## WHAT YOU WILL DO
Every entry that follows must be written out exactly, apart from its pictures.
*** Opening TASK INPUT ***
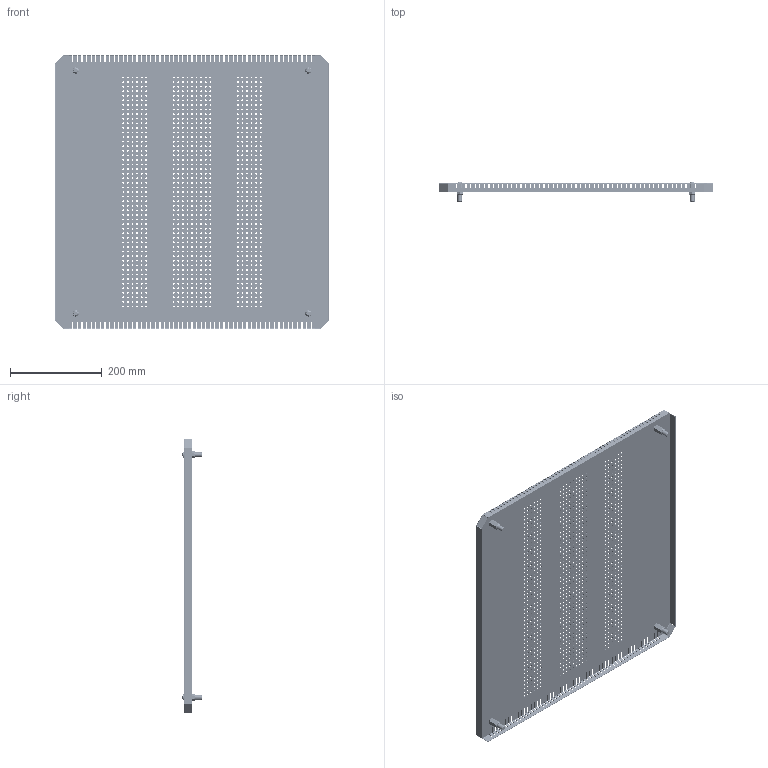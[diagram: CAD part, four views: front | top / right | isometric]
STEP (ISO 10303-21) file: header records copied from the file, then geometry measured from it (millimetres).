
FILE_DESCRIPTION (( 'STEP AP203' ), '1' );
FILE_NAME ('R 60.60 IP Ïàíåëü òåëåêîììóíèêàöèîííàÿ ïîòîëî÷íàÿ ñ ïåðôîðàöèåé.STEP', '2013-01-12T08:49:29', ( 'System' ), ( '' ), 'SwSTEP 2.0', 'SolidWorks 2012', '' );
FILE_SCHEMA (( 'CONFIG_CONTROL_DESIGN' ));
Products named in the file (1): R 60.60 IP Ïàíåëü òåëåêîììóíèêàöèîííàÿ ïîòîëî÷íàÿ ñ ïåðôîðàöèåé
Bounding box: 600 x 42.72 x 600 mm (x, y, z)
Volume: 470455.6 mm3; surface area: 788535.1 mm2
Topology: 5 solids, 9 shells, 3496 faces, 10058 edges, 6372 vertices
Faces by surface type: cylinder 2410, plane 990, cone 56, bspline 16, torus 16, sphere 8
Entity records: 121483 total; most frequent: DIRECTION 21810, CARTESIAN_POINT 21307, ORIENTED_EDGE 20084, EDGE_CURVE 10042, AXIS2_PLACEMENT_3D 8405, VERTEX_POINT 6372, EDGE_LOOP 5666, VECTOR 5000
*** Closing TASK INPUT ***
## ANSWER FOR THE TASK
[diagram: CAD part, four views: front | top / right | isometric]
STEP (ISO 10303-21) file: header records copied from the file, then geometry measured from it (millimetres).
FILE_DESCRIPTION (( 'STEP AP203' ), '1' );
FILE_NAME ('R 60.60 IP Ïàíåëü òåëåêîììóíèêàöèîííàÿ ïîòîëî÷íàÿ ñ ïåðôîðàöèåé.STEP', '2013-01-12T08:49:29', ( 'System' ), ( '' ), 'SwSTEP 2.0', 'SolidWorks 2012', '' );
FILE_SCHEMA (( 'CONFIG_CONTROL_DESIGN' ));
Products named in the file (1): R 60.60 IP Ïàíåëü òåëåêîììóíèêàöèîííàÿ ïîòîëî÷íàÿ ñ ïåðôîðàöèåé
Bounding box: 600 x 42.72 x 600 mm (x, y, z)
Volume: 470455.6 mm3; surface area: 788535.1 mm2
Topology: 5 solids, 9 shells, 3496 faces, 10058 edges, 6372 vertices
Faces by surface type: cylinder 2410, plane 990, cone 56, bspline 16, torus 16, sphere 8
Entity records: 121483 total; most frequent: DIRECTION 21810, CARTESIAN_POINT 21307, ORIENTED_EDGE 20084, EDGE_CURVE 10042, AXIS2_PLACEMENT_3D 8405, VERTEX_POINT 6372, EDGE_LOOP 5666, VECTOR 5000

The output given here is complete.